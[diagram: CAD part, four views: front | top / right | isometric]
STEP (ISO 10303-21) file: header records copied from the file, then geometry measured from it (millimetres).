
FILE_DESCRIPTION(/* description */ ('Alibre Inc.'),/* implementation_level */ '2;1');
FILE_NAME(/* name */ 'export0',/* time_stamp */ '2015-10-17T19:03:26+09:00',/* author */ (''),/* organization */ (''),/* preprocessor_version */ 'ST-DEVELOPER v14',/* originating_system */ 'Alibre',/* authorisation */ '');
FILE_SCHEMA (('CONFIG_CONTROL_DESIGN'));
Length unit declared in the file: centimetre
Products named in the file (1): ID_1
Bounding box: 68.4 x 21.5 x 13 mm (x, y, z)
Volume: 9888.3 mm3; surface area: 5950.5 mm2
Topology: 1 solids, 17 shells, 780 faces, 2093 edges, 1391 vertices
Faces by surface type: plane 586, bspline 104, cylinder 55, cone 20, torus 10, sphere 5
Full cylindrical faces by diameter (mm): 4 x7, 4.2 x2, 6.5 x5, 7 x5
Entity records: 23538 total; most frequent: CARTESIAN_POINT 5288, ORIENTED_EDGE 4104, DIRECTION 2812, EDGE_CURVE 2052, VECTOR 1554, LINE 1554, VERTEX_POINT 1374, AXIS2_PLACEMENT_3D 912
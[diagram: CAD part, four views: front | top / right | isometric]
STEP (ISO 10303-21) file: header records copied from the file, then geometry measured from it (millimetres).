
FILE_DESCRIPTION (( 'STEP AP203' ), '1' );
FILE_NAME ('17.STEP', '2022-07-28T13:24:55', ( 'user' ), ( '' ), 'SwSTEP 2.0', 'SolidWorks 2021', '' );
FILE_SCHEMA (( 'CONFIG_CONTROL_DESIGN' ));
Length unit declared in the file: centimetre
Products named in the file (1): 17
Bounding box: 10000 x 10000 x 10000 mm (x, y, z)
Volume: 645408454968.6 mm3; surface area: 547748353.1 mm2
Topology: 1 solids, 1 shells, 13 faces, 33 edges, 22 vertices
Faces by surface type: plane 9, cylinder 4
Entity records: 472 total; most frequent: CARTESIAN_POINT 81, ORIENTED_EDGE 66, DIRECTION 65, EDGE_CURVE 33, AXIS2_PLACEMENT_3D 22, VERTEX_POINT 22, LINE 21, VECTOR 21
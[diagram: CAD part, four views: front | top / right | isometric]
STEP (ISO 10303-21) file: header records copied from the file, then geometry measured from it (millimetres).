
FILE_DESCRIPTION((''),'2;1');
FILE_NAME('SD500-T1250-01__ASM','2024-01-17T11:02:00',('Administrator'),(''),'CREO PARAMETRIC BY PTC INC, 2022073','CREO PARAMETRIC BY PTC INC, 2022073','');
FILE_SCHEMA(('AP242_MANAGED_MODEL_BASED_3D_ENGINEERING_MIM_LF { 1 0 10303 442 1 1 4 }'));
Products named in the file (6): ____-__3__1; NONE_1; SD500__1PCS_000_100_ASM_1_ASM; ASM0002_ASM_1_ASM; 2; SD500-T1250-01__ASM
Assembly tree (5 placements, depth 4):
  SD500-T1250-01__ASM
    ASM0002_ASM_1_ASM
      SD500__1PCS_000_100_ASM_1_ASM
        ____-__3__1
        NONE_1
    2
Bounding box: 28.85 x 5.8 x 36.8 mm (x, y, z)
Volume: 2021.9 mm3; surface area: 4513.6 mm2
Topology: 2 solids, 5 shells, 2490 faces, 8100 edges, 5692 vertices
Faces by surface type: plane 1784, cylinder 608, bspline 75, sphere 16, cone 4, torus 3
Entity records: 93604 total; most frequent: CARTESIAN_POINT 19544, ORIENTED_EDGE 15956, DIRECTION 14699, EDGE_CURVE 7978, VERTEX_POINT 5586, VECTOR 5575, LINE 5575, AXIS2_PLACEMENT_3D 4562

+++

Restate all the material above, keeping each word as it is.

> **Output of the task**
[diagram: CAD part, four views: front | top / right | isometric]
STEP (ISO 10303-21) file: header records copied from the file, then geometry measured from it (millimetres).
FILE_DESCRIPTION(/* description */ ('Alibre Inc.'),/* implementation_level */ '2;1');
FILE_NAME(/* name */ 'export0',/* time_stamp */ '2015-10-17T19:03:26+09:00',/* author */ (''),/* organization */ (''),/* preprocessor_version */ 'ST-DEVELOPER v14',/* originating_system */ 'Alibre',/* authorisation */ '');
FILE_SCHEMA (('CONFIG_CONTROL_DESIGN'));
Length unit declared in the file: centimetre
Products named in the file (1): ID_1
Bounding box: 68.4 x 21.5 x 13 mm (x, y, z)
Volume: 9888.3 mm3; surface area: 5950.5 mm2
Topology: 1 solids, 17 shells, 780 faces, 2093 edges, 1391 vertices
Faces by surface type: plane 586, bspline 104, cylinder 55, cone 20, torus 10, sphere 5
Full cylindrical faces by diameter (mm): 4 x7, 4.2 x2, 6.5 x5, 7 x5
Entity records: 23538 total; most frequent: CARTESIAN_POINT 5288, ORIENTED_EDGE 4104, DIRECTION 2812, EDGE_CURVE 2052, VECTOR 1554, LINE 1554, VERTEX_POINT 1374, AXIS2_PLACEMENT_3D 912
[diagram: CAD part, four views: front | top / right | isometric]
STEP (ISO 10303-21) file: header records copied from the file, then geometry measured from it (millimetres).
FILE_DESCRIPTION (( 'STEP AP203' ), '1' );
FILE_NAME ('17.STEP', '2022-07-28T13:24:55', ( 'user' ), ( '' ), 'SwSTEP 2.0', 'SolidWorks 2021', '' );
FILE_SCHEMA (( 'CONFIG_CONTROL_DESIGN' ));
Length unit declared in the file: centimetre
Products named in the file (1): 17
Bounding box: 10000 x 10000 x 10000 mm (x, y, z)
Volume: 645408454968.6 mm3; surface area: 547748353.1 mm2
Topology: 1 solids, 1 shells, 13 faces, 33 edges, 22 vertices
Faces by surface type: plane 9, cylinder 4
Entity records: 472 total; most frequent: CARTESIAN_POINT 81, ORIENTED_EDGE 66, DIRECTION 65, EDGE_CURVE 33, AXIS2_PLACEMENT_3D 22, VERTEX_POINT 22, LINE 21, VECTOR 21
[diagram: CAD part, four views: front | top / right | isometric]
STEP (ISO 10303-21) file: header records copied from the file, then geometry measured from it (millimetres).
FILE_DESCRIPTION((''),'2;1');
FILE_NAME('SD500-T1250-01__ASM','2024-01-17T11:02:00',('Administrator'),(''),'CREO PARAMETRIC BY PTC INC, 2022073','CREO PARAMETRIC BY PTC INC, 2022073','');
FILE_SCHEMA(('AP242_MANAGED_MODEL_BASED_3D_ENGINEERING_MIM_LF { 1 0 10303 442 1 1 4 }'));
Products named in the file (6): ____-__3__1; NONE_1; SD500__1PCS_000_100_ASM_1_ASM; ASM0002_ASM_1_ASM; 2; SD500-T1250-01__ASM
Assembly tree (5 placements, depth 4):
  SD500-T1250-01__ASM
    ASM0002_ASM_1_ASM
      SD500__1PCS_000_100_ASM_1_ASM
        ____-__3__1
        NONE_1
    2
Bounding box: 28.85 x 5.8 x 36.8 mm (x, y, z)
Volume: 2021.9 mm3; surface area: 4513.6 mm2
Topology: 2 solids, 5 shells, 2490 faces, 8100 edges, 5692 vertices
Faces by surface type: plane 1784, cylinder 608, bspline 75, sphere 16, cone 4, torus 3
Entity records: 93604 total; most frequent: CARTESIAN_POINT 19544, ORIENTED_EDGE 15956, DIRECTION 14699, EDGE_CURVE 7978, VERTEX_POINT 5586, VECTOR 5575, LINE 5575, AXIS2_PLACEMENT_3D 4562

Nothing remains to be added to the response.